Exercise data:
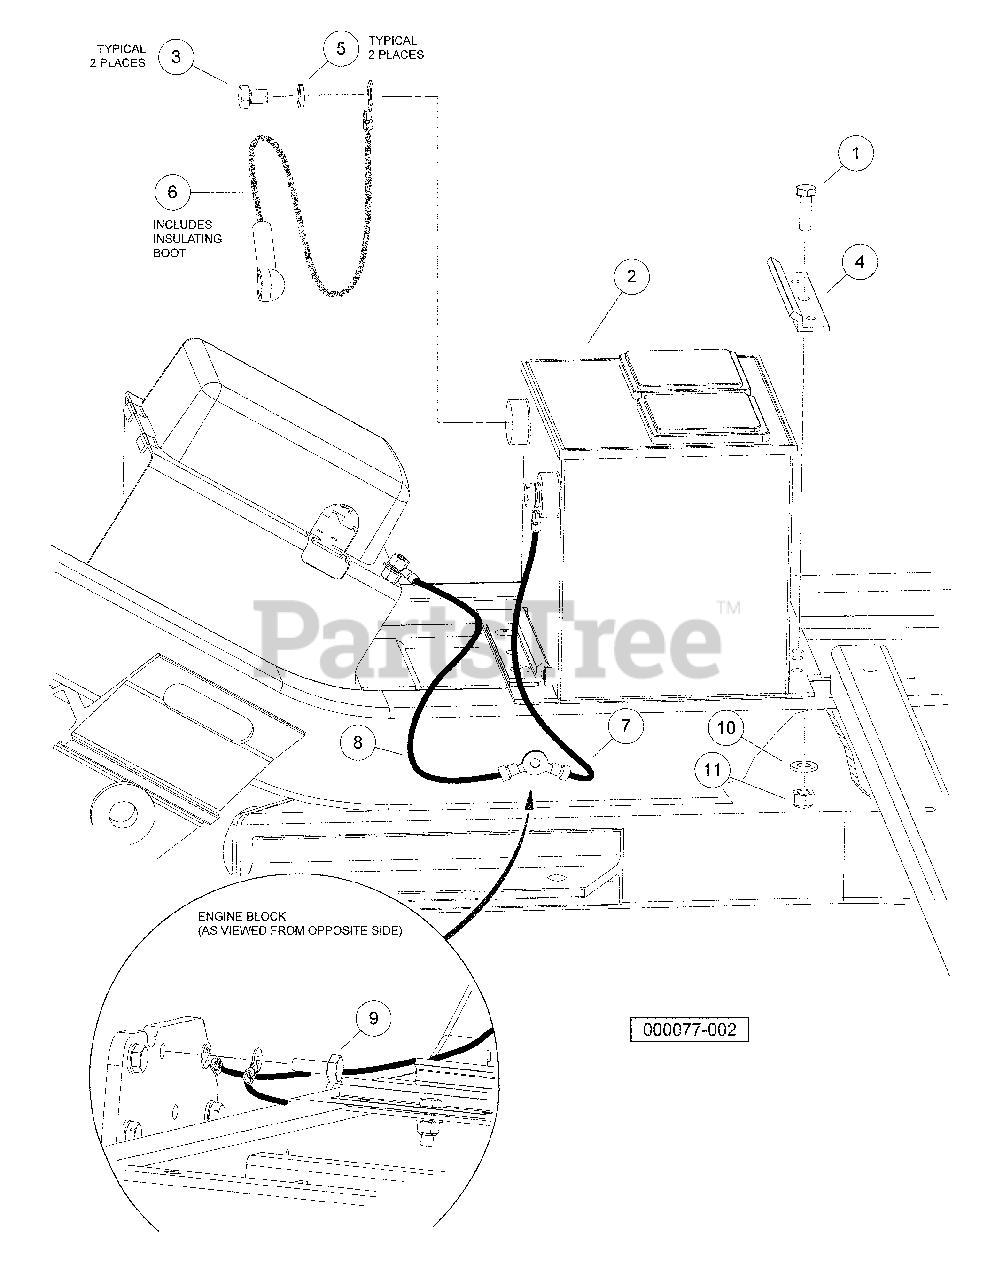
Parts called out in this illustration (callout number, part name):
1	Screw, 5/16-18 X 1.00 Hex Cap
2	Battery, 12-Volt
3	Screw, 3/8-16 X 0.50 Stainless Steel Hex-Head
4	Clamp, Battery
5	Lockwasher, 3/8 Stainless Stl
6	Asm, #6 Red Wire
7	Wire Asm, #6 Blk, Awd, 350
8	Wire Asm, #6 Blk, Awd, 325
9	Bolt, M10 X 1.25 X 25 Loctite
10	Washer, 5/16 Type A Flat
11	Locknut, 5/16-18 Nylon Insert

Work required:
If a line of the entries contains the string "Stainless", it counts; report how many such lines there are, as a bare number.

Solution for this task:
2